One Web, Many Languages: An Introduction To Internationalized Domain Names (IDNs)
By admin on May 15, 2007 in Doman Name News
To many in the English speaking world, we take our alphabet for granted. The Latin alphabet as used in English is relatively straightforward: 26 letters a through z. Conveniently, these 26 letters, the hyphen “-“ and Arabic numerals 0 through 9 constitute the acceptable characters for a domain name.
To much of the world that is not nearly as intuitive.
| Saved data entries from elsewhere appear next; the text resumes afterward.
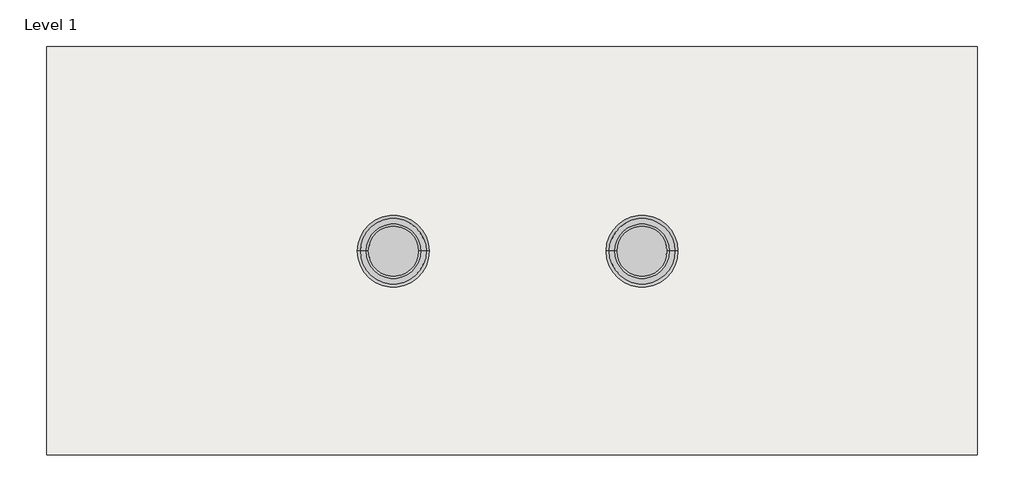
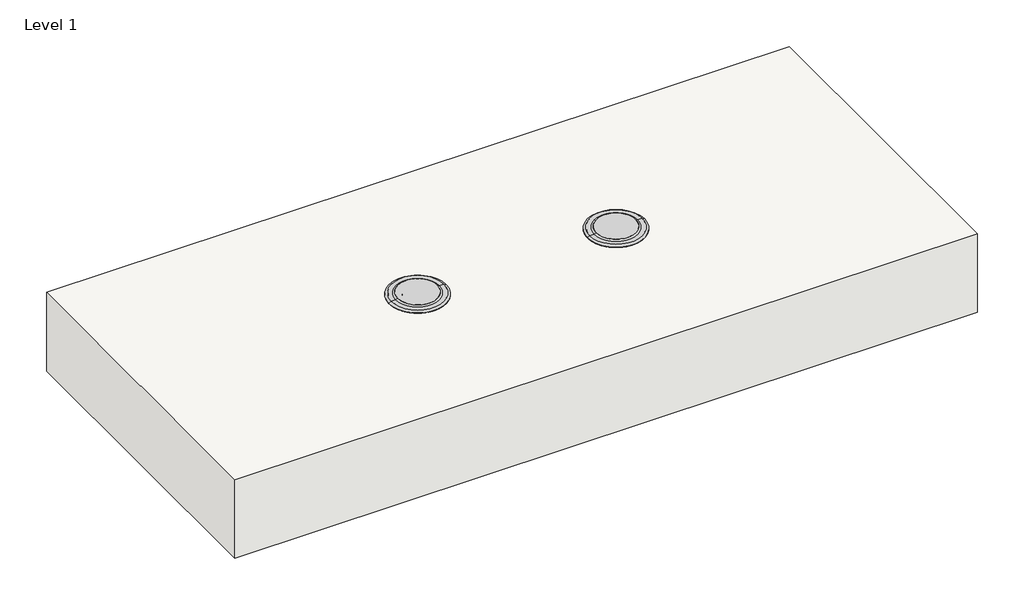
# One storey: 2 proxies, 1 slab.
"""IFC4 building model written with IfcOpenShell, lengths in millimetres."""

import ifcopenshell
import ifcopenshell.guid

model = None  # the IFC model being written
_history = None  # IfcOwnerHistory: only IFC2X3 demands one
_inside = {}  # id of a spatial element -> (the spatial element, [elements in it])
_under = {}  # id of a project, library or spatial element -> (it, [spatial elements below it])
_declared = {}  # id of a project -> (the project, [libraries it declares])
_typed = {}  # id of a type object -> (the type object, [elements of that type])
_made_of = {}  # id of a material, layer set ... -> (it, [elements and type objects made of it])


def new_model(schema):
    """Start an empty IFC model of exactly this schema.

    Asked for "IFC4X3", IfcOpenShell would pick the latest addendum, in which some entities
    have other attributes; the version numbers below select the first issue.
    IFC2X3 requires an IfcOwnerHistory on every rooted entity: one is made here for all.
    """
    global model, _history
    if schema == "IFC4X3":
        model = ifcopenshell.file(schema_version=(4, 3, 0, 0))
    else:
        model = ifcopenshell.file(schema=schema)
    _inside.clear()
    _under.clear()
    _declared.clear()
    _typed.clear()
    _made_of.clear()
    _history = None
    if model.schema == "IFC2X3":
        org = make("IfcOrganization", Name="unknown")
        user = make(
            "IfcPersonAndOrganization",
            ThePerson=make("IfcPerson", FamilyName="unknown"),
            TheOrganization=org,
        )
        app = make(
            "IfcApplication",
            ApplicationDeveloper=org,
            Version="unknown",
            ApplicationFullName="unknown",
            ApplicationIdentifier="unknown",
        )
        _history = make(
            "IfcOwnerHistory",
            OwningUser=user,
            OwningApplication=app,
            ChangeAction="ADDED",
            CreationDate=0,
        )
    return model


def make(cls, **values):
    """One entity of the class cls with the attributes given. An attribute that is None is left unset."""
    return model.create_entity(
        cls, **{name: value for name, value in values.items() if value is not None}
    )


def rooted(cls, **values):
    """An entity with a GlobalId (a new one), such as an element, a storey or a relation."""
    return make(cls, GlobalId=ifcopenshell.guid.new(), OwnerHistory=_history, **values)


def si_unit(unit_type, name, prefix=None):
    """IfcSIUnit, for example si_unit("LENGTHUNIT", "METRE", prefix="MILLI")."""
    return make("IfcSIUnit", UnitType=unit_type, Prefix=prefix, Name=name)


def assignment(units):
    """IfcUnitAssignment: the units of a project."""
    return None if units is None else make("IfcUnitAssignment", Units=units)


def point(xyz):
    """IfcCartesianPoint."""
    return None if xyz is None else make("IfcCartesianPoint", Coordinates=xyz)


def direction(xyz):
    """IfcDirection."""
    return None if xyz is None else make("IfcDirection", DirectionRatios=xyz)


def frame(location, z_axis=None, x_axis=None):
    """IfcAxis2Placement3D, a coordinate frame: its origin and axes. An axis left out is left unset."""
    return make(
        "IfcAxis2Placement3D",
        Location=point(location),
        Axis=direction(z_axis),
        RefDirection=direction(x_axis),
    )


def frame_2d(location, x_axis=None):
    """IfcAxis2Placement2D, a coordinate frame in the plane: its origin and x axis."""
    return make(
        "IfcAxis2Placement2D", Location=point(location), RefDirection=direction(x_axis)
    )


def origin():
    """The frame at (0, 0, 0) with its axes left unset."""
    return frame((0.0, 0.0, 0.0))


def origin_with_axes():
    """The frame at (0, 0, 0) with the z axis (0, 0, 1) and the x axis (1, 0, 0) written out."""
    return frame((0.0, 0.0, 0.0), z_axis=(0.0, 0.0, 1.0), x_axis=(1.0, 0.0, 0.0))


def origin_2d():
    """The frame at (0, 0) in the plane with its x axis left unset."""
    return frame_2d((0.0, 0.0))


def place(relative_to, where):
    """IfcLocalPlacement: puts the frame where relative to a parent placement (None: the world)."""
    return make(
        "IfcLocalPlacement", PlacementRelTo=relative_to, RelativePlacement=where
    )


def context(
    kind, dimensions, precision=None, world=None, true_north=None, identifier=None
):
    """IfcGeometricRepresentationContext, for example the 3D "Model" context."""
    return make(
        "IfcGeometricRepresentationContext",
        ContextIdentifier=identifier,
        ContextType=kind,
        CoordinateSpaceDimension=dimensions,
        Precision=precision,
        WorldCoordinateSystem=world,
        TrueNorth=true_north,
    )


def project(units=None, contexts=None):
    """IfcProject with its units and contexts."""
    return rooted(
        "IfcProject",
        Name="project",
        RepresentationContexts=contexts,
        UnitsInContext=assignment(units),
    )


def spatial(cls, under=None, at=None, **own):
    """A site, building, storey or space (cls), placed at a placement, below another one or the project."""
    s = rooted(cls, ObjectPlacement=at, **own)
    if under is not None:
        _under.setdefault(under.id(), (under, []))[1].append(s)
    return s


def polyline(points):
    """IfcPolyline through the points."""
    return make("IfcPolyline", Points=[point(p) for p in points])


def circle_curve(where, radius):
    """IfcCircle in the frame where."""
    return make("IfcCircle", Position=where, Radius=radius)


def trimmed(basis, trim1, trim2, sense, master):
    """IfcTrimmedCurve: the piece of a basis curve between two trims."""
    return make(
        "IfcTrimmedCurve",
        BasisCurve=basis,
        Trim1=trim1,
        Trim2=trim2,
        SenseAgreement=sense,
        MasterRepresentation=master,
    )


def segment(curve, same_sense, transition):
    """IfcCompositeCurveSegment."""
    return make(
        "IfcCompositeCurveSegment",
        Transition=transition,
        SameSense=same_sense,
        ParentCurve=curve,
    )


def composite_curve(segments, self_intersect=None):
    """IfcCompositeCurve: segments joined end to end."""
    return make("IfcCompositeCurve", Segments=segments, SelfIntersect=self_intersect)


def outline(outer, holes=None, kind="AREA"):
    """IfcArbitraryClosedProfileDef: a profile drawn as a closed curve; with holes, ...WithVoids."""
    if holes is None:
        return make("IfcArbitraryClosedProfileDef", ProfileType=kind, OuterCurve=outer)
    return make(
        "IfcArbitraryProfileDefWithVoids",
        ProfileType=kind,
        OuterCurve=outer,
        InnerCurves=holes,
    )


def extrude(swept, where, along, depth):
    """IfcExtrudedAreaSolid: the profile swept, set in the frame where, extruded along a direction by depth."""
    return make(
        "IfcExtrudedAreaSolid",
        SweptArea=swept,
        Position=where,
        ExtrudedDirection=direction(along),
        Depth=depth,
    )


def shape(context_of_items, identifier, shape_type, items):
    """IfcShapeRepresentation: the items that make up one representation, for example the "Body"."""
    return make(
        "IfcShapeRepresentation",
        ContextOfItems=context_of_items,
        RepresentationIdentifier=identifier,
        RepresentationType=shape_type,
        Items=items,
    )


def source(mapping_origin, context_of_items, identifier, shape_type, items):
    """IfcRepresentationMap: a shape defined once, which mapped items show again and again."""
    return make(
        "IfcRepresentationMap",
        MappingOrigin=mapping_origin,
        MappedRepresentation=shape(context_of_items, identifier, shape_type, items),
    )


def transform(
    local_origin,
    x_axis=None,
    y_axis=None,
    z_axis=None,
    scale=None,
    scale2=None,
    scale3=None,
    uniform=True,
):
    """IfcCartesianTransformationOperator3D, or its non-uniform kind. x_axis, y_axis, z_axis: its Axis1, 2, 3."""
    if uniform:
        return make(
            "IfcCartesianTransformationOperator3D",
            Axis1=direction(x_axis),
            Axis2=direction(y_axis),
            LocalOrigin=point(local_origin),
            Scale=scale,
            Axis3=direction(z_axis),
        )
    return make(
        "IfcCartesianTransformationOperator3DnonUniform",
        Axis1=direction(x_axis),
        Axis2=direction(y_axis),
        LocalOrigin=point(local_origin),
        Scale=scale,
        Axis3=direction(z_axis),
        Scale2=scale2,
        Scale3=scale3,
    )


def mapped(mapping_source, mapping_target):
    """IfcMappedItem: shows the shape of a source again, moved by a transform."""
    return make(
        "IfcMappedItem", MappingSource=mapping_source, MappingTarget=mapping_target
    )


def made_of(thing, what):
    """Note that an element or type object is made of a material, layer set ...; save() writes the relation."""
    if what is not None:
        _made_of.setdefault(what.id(), (what, []))[1].append(thing)
    return thing


def element(
    cls,
    number,
    at=None,
    inside=None,
    cuts=None,
    type_object=None,
    material=None,
    context=None,
    identifier="Body",
    shape_type=None,
    held_by="IfcProductDefinitionShape",
    body=None,
    shapes=None,
    **own,
):
    """One element of the class cls, such as IfcWall. Its Tag is "e" and its number.

    at: its placement. inside: the storey or other place that contains it. cuts: it is an
    opening in that element (IfcRelVoidsElement). A single representation is given by context,
    identifier, shape_type and body (its items); several are given by shapes. held_by: the class
    of the entity that holds the representations. save() writes the other relations.
    """
    e = rooted(cls, Tag="e%d" % number, ObjectPlacement=at, **own)
    if body is not None:
        shapes = [shape(context, identifier, shape_type, body)]
    if shapes is not None:
        e.Representation = make(held_by, Representations=shapes)
    if inside is not None:
        _inside.setdefault(inside.id(), (inside, []))[1].append(e)
    if cuts is not None:
        rooted(
            "IfcRelVoidsElement", RelatingBuildingElement=cuts, RelatedOpeningElement=e
        )
    if type_object is not None:
        _typed.setdefault(type_object.id(), (type_object, []))[1].append(e)
    return made_of(e, material)


def aggregate(whole, parts):
    """IfcRelAggregates: a whole, such as a stair, and the parts it consists of."""
    return rooted("IfcRelAggregates", RelatingObject=whole, RelatedObjects=parts)


def save(model, path):
    """Write the relations noted so far, then the file.

    IfcRelAggregates (storeys below a building ...), IfcRelContainedInSpatialStructure (elements
    in a storey), IfcRelDefinesByType, IfcRelAssociatesMaterial and IfcRelDeclares: one each for
    every whole, place, type object, material and project.
    """
    for whole, parts in _under.values():
        aggregate(whole, parts)
    for where, things in _inside.values():
        rooted(
            "IfcRelContainedInSpatialStructure",
            RelatedElements=things,
            RelatingStructure=where,
        )
    for kind, things in _typed.values():
        rooted("IfcRelDefinesByType", RelatedObjects=things, RelatingType=kind)
    for what, things in _made_of.values():
        rooted("IfcRelAssociatesMaterial", RelatedObjects=things, RelatingMaterial=what)
    for by, libraries in _declared.values():
        rooted("IfcRelDeclares", RelatingContext=by, RelatedDefinitions=libraries)
    model.write(path)


def plane_surface(at):
    """IfcPlane: the flat surface through the origin of the frame at, square to its z axis."""
    return make("IfcPlane", Position=at)


def cylinder_surface(at, radius):
    """IfcCylindricalSurface: all points at the distance radius from the z axis of the frame at."""
    return make("IfcCylindricalSurface", Position=at, Radius=radius)


def revolved_surface(curve, axis_point, axis_direction):
    """IfcSurfaceOfRevolution: the curve turned about the line through axis_point along axis_direction."""
    return make(
        "IfcSurfaceOfRevolution",
        SweptCurve=make("IfcArbitraryOpenProfileDef", ProfileType="CURVE", Curve=curve),
        AxisPosition=make("IfcAxis1Placement", Location=point(axis_point), Axis=direction(axis_direction)),
    )


def advanced_brep(points, edges, surfaces, faces):
    """IfcAdvancedBrep: a solid bounded by faces that lie on surfaces and meet in shared edges.

    An edge is (start, end): straight between two places in points (the first is 0);
    or (start, end, curve); or (start, end, curve, False) where it runs against its curve.
    A face is (place in surfaces, loops), or (place, loops, False) where it looks against
    its surface's normal. A loop lists edges by number (the first is 1), with a minus sign
    where the edge is run from its end to its start. The first loop is the outer one.
    """
    corners = [point(p) for p in points]
    vertices = [make("IfcVertexPoint", VertexGeometry=c) for c in corners]
    made = []
    for start, end, *more in edges:
        made.append(
            make(
                "IfcEdgeCurve",
                EdgeStart=vertices[start],
                EdgeEnd=vertices[end],
                EdgeGeometry=more[0] if more else make("IfcPolyline", Points=[corners[start], corners[end]]),
                SameSense=more[1] if len(more) > 1 else True,
            )
        )
    hull = []
    for where, loops, *sense in faces:
        bounds = []
        for j, loop in enumerate(loops):
            ring = [make("IfcOrientedEdge", EdgeElement=made[abs(k) - 1], Orientation=k > 0) for k in loop]
            bounds.append(
                make(
                    "IfcFaceOuterBound" if j == 0 else "IfcFaceBound",
                    Bound=make("IfcEdgeLoop", EdgeList=ring),
                    Orientation=True,
                )
            )
        hull.append(make("IfcAdvancedFace", Bounds=bounds, FaceSurface=surfaces[where], SameSense=sense[0] if sense else True))
    return make("IfcAdvancedBrep", Outer=make("IfcClosedShell", CfsFaces=hull))


def electrical_fixtures_3518aa85(model_context):
    return source(origin(), model_context, "Body", "SolidModel", [
        extrude(outline(composite_curve([segment(trimmed(circle_curve(origin_2d(), 72.7202), [point((-72.7202, 0.0))], [point((72.7202, 0.0))], False, "CARTESIAN"), True, "CONTINUOUS"), segment(trimmed(circle_curve(origin_2d(), 72.7202), [point((72.7202, 0.0))], [point((-72.7202, 0.0))], False, "CARTESIAN"), True, "CONTINUOUS")], self_intersect=False)), origin_with_axes(), (0.0, 0.0, 1.0), 10.795),
        extrude(outline(polyline([(-28.94965, 24.11222), (28.94965, 24.11222), (28.94965, -24.11222), (-28.94965, -24.11222), (-28.94965, 24.11222)])), frame((0.0, 0.0, -409.9052), z_axis=(0.0, 0.0, 1.0), x_axis=(1.0, 0.0, 0.0)), (0.0, 0.0, 1.0), 182.5752),
        extrude(outline(composite_curve([segment(trimmed(circle_curve(origin_2d(), 11.67511), [point((11.67511, 0.0))], [point((-11.67511, 0.0))], False, "CARTESIAN"), True, "CONTINUOUS"), segment(trimmed(circle_curve(origin_2d(), 11.67511), [point((-11.67511, 0.0))], [point((11.67511, 0.0))], False, "CARTESIAN"), True, "CONTINUOUS")], self_intersect=False)), frame((0.0, 0.0, -227.33), z_axis=(0.0, 0.0, 1.0), x_axis=(1.0, 0.0, 0.0)), (0.0, 0.0, 1.0), 143.1798),
        extrude(outline(composite_curve([segment(trimmed(circle_curve(origin_2d(), 49.5046), [point((49.5046, 0.0))], [point((-49.5046, 0.0))], False, "CARTESIAN"), True, "CONTINUOUS"), segment(trimmed(circle_curve(origin_2d(), 49.5046), [point((-49.5046, 0.0))], [point((49.5046, 0.0))], False, "CARTESIAN"), True, "CONTINUOUS")], self_intersect=False)), frame((0.0, 0.0, -84.1502), z_axis=(0.0, 0.0, 1.0), x_axis=(1.0, 0.0, 0.0)), (0.0, 0.0, 1.0), 84.1502),
        advanced_brep(
        [(104.775, 0.0, 0.0), (-104.775, 0.0, 0.0), (-104.775, 0.0, 1.996072), (104.775, 0.0, 1.996072), (93.8998227, 0.0, 0.0), (-93.8998227, 0.0, 0.0), (93.8998227, 0.0, -7.9502), (-93.8998227, 0.0, -7.9502), (72.7134422, 0.0, -7.9502), (-72.7134422, 0.0, -7.9502), (79.493084, 0.0, 7.3406), (-79.493084, 0.0, 7.3406), (-72.7134422, 0.0, 10.795), (72.7134422, 0.0, 10.795), (95.8802118, 0.0, 7.3406), (-95.8802118, 0.0, 7.3406)],
        [
            (0, 1, circle_curve(frame((0.0, 0.0, 0.0), z_axis=(0.0, 0.0, 1.0), x_axis=(-1.0, 0.0, 0.0)), 104.775)),
            (1, 2),
            (2, 3, circle_curve(frame((0.0, 0.0, 1.996072), z_axis=(0.0, 0.0, -1.0), x_axis=(-1.0, 0.0, 0.0)), 104.775)),
            (3, 0),
            (1, 0, circle_curve(frame((0.0, 0.0, 0.0), z_axis=(0.0, 0.0, 1.0), x_axis=(-1.0, 0.0, 0.0)), 104.775)),
            (3, 2, circle_curve(frame((0.0, 0.0, 1.996072), z_axis=(0.0, 0.0, -1.0), x_axis=(-1.0, 0.0, 0.0)), 104.775)),
            (4, 5, circle_curve(frame((0.0, 0.0, 0.0), z_axis=(0.0, 0.0, 1.0), x_axis=(-1.0, 0.0, 0.0)), 93.8998227)),
            (5, 1),
            (0, 4),
            (5, 4, circle_curve(frame((0.0, 0.0, 0.0), z_axis=(0.0, 0.0, 1.0), x_axis=(-1.0, 0.0, 0.0)), 93.8998227)),
            (6, 7, circle_curve(frame((0.0, 0.0, -7.9502), z_axis=(0.0, 0.0, 1.0), x_axis=(-1.0, 0.0, 0.0)), 93.8998227)),
            (7, 5),
            (4, 6),
            (7, 6, circle_curve(frame((0.0, 0.0, -7.9502), z_axis=(0.0, 0.0, 1.0), x_axis=(-1.0, 0.0, 0.0)), 93.8998227)),
            (8, 9, circle_curve(frame((0.0, 0.0, -7.9502), z_axis=(0.0, 0.0, 1.0), x_axis=(-1.0, 0.0, 0.0)), 72.7134422)),
            (9, 7),
            (6, 8),
            (9, 8, circle_curve(frame((0.0, 0.0, -7.9502), z_axis=(0.0, 0.0, 1.0), x_axis=(-1.0, 0.0, 0.0)), 72.7134422)),
            (10, 11, circle_curve(frame((0.0, 0.0, 7.3406), z_axis=(0.0, 0.0, 1.0), x_axis=(-1.0, 0.0, 0.0)), 79.493084)),
            (11, 12),
            (12, 13, circle_curve(frame((0.0, 0.0, 10.795), z_axis=(0.0, 0.0, -1.0), x_axis=(-1.0, 0.0, 0.0)), 72.7134422)),
            (13, 10),
            (11, 10, circle_curve(frame((0.0, 0.0, 7.3406), z_axis=(0.0, 0.0, 1.0), x_axis=(-1.0, 0.0, 0.0)), 79.493084)),
            (13, 12, circle_curve(frame((0.0, 0.0, 10.795), z_axis=(0.0, 0.0, -1.0), x_axis=(-1.0, 0.0, 0.0)), 72.7134422)),
            (14, 15, circle_curve(frame((0.0, 0.0, 7.3406), z_axis=(0.0, 0.0, 1.0), x_axis=(-1.0, 0.0, 0.0)), 95.8802118)),
            (15, 11),
            (10, 14),
            (15, 14, circle_curve(frame((0.0, 0.0, 7.3406), z_axis=(0.0, 0.0, 1.0), x_axis=(-1.0, 0.0, 0.0)), 95.8802118)),
            (2, 15),
            (14, 3),
            (12, 9),
            (8, 13),
        ],
        [
            cylinder_surface(frame((0.0, 0.0, 9.9544873), z_axis=(0.0, 0.0, -1.0), x_axis=(-1.0, 0.0, 0.0)), 104.775),
            plane_surface(frame((0.0, 0.0, 0.0), z_axis=(0.0, 0.0, -1.0), x_axis=(-1.0, 0.0, 0.0))),
            cylinder_surface(frame((0.0, 0.0, 9.9544873), z_axis=(0.0, 0.0, -1.0), x_axis=(-1.0, 0.0, 0.0)), 93.8998227),
            plane_surface(frame((0.0, 0.0, -7.9502), z_axis=(0.0, 0.0, -1.0), x_axis=(-1.0, 0.0, 0.0))),
            revolved_surface(polyline([(-72.7134422, 0.0, 10.795), (-79.493084, 0.0, 7.3406)]), (0.0, 0.0, 9.9544873), (0.0, 0.0, -1.0)),
            plane_surface(frame((0.0, 0.0, 7.3406), z_axis=(0.0, 0.0, 1.0), x_axis=(-1.0, 0.0, 0.0))),
            revolved_surface(polyline([(-95.8802118, 0.0, 7.3406), (-104.775, 0.0, 1.996072)]), (0.0, 0.0, 9.9544873), (0.0, 0.0, -1.0)),
            revolved_surface(polyline([(-72.7134422, 0.0, -7.950199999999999), (-72.7134422, 0.0, 10.795)]), (0.0, 0.0, 9.9544873), (0.0, 0.0, -1.0)),
        ],
        [
            (0, [[1, 2, 3, 4]]),
            (0, [[5, -4, 6, -2]]),
            (1, [[7, 8, -1, 9]]),
            (1, [[10, -9, -5, -8]]),
            (2, [[11, 12, -7, 13]]),
            (2, [[14, -13, -10, -12]]),
            (3, [[15, 16, -11, 17]]),
            (3, [[18, -17, -14, -16]]),
            (4, [[19, 20, 21, 22]]),
            (4, [[23, -22, 24, -20]]),
            (5, [[25, 26, -19, 27]]),
            (5, [[28, -27, -23, -26]]),
            (6, [[-3, 29, -25, 30]]),
            (6, [[-6, -30, -28, -29]]),
            (7, [[-21, 31, -15, 32]]),
            (7, [[-24, -32, -18, -31]]),
        ],
    ),
    ])


model = new_model("IFC4")

# Units and contexts
model_context = context("Model", 3, world=origin())
ifc_project = project(units=[si_unit("LENGTHUNIT", "METRE", prefix="MILLI")], contexts=[model_context])

# Site, building, storey
site = spatial("IfcSite", under=ifc_project)
building = spatial("IfcBuilding", under=site)
storey = spatial("IfcBuildingStorey", under=building, Name="Level 1", Elevation=0.0)

# Proxies
placement = place(None, origin())
electrical_fixtures_shape = electrical_fixtures_3518aa85(model_context)
element("IfcBuildingElementProxy", 1, Name="Poke_Thru-Assembled_Unit-Wiremold-RC4_Series : Insert Assembly with Disposable Plate", ObjectType="Poke_Thru-Assembled_Unit-Wiremold-RC4_Series : Insert Assembly with Disposable Plate", at=placement, inside=storey, context=model_context, shape_type="MappedRepresentation", body=[
    mapped(electrical_fixtures_shape, transform((3571.8592817, 780.744527, 0.0), x_axis=(-1.0, 0.0, 0.0), y_axis=(0.0, -1.0, 0.0), z_axis=(0.0, 0.0, 1.0))),
])
element("IfcBuildingElementProxy", 2, Name="Poke_Thru-Assembled_Unit-Wiremold-RC4_Series : Insert Assembly, Black", ObjectType="Poke_Thru-Assembled_Unit-Wiremold-RC4_Series : Insert Assembly, Black", at=placement, inside=storey, context=model_context, shape_type="MappedRepresentation", body=[
    mapped(electrical_fixtures_shape, transform((2845.7881157, 780.744527, 0.0), x_axis=(-1.0, 0.0, 0.0), y_axis=(0.0, -1.0, 0.0), z_axis=(0.0, 0.0, 1.0))),
])

# Slab
element("IfcSlab", 3, ObjectType="Generic - 12\"", at=placement, inside=storey, context=model_context, shape_type="SweptSolid", body=[
    extrude(outline(polyline([(4550.9973575, 1378.9766815), (4550.9973575, 185.1766815), (1833.1973575, 185.1766815), (1833.1973575, 1378.9766815), (4550.9973575, 1378.9766815)])), frame((0.0, 0.0, -304.8), z_axis=(0.0, 0.0, 1.0), x_axis=(1.0, 0.0, 0.0)), (0.0, 0.0, 1.0), 304.8),
])

save(model, "model.ifc")

While the Latin alphabet is the most widely used, 3 other alphabets are used in large portions of the world. The Cyrillic alphabet is spread through Russia, parts of Eastern Europe and former republics of the Soviet Union. The Arabic alphabet spans from Northern Africa through the Middle East and the Brahmic-derived alphabets of Southeast Asia. Throw in the accents, diacritics and ligatures seen in various languages using the Latin alphabet, and the possible combinations become staggering.
So how could that problem be addressed? The simplest solution would be to simply dictate that all domain names would consist of only 26 letters, ten numerals and the hyphen. However, that narrow view limits and complicates the accessibility of the Net to large swaths of the world’s population.
Enter Internationalized Domain Names. Introduced by Martin Duerst in 1996 and implemented in 1998, the system was eventually adopted (with additions and revisions) as the Internationalized Domain Names in Applications (IDNA) system. Within the IDNA system, an internationalized domain name is a name consisting of labels, which can successfully be translated by the ToASCII algorithm.
Internationalizing a domain name works like that. The ToASCII algorithm is applied individually to each label within a domain name. whether the ToASCII algorithm fails considering any label contains at least one non-ASCII character, soon after further steps are taken. The name is first "normalized" using the Nameprep algorithm. The normalized name is thereupon converted to ASCII via the Punycode algorithm. Finally, the four character ASCII Compatible Encoding (ACE) prefix "xn- -" is added. whether, for any reason, the ToASCII algorithm fails (i.e. the resulting string exceeds 63 characters) the name cannot be internationalized at that instance.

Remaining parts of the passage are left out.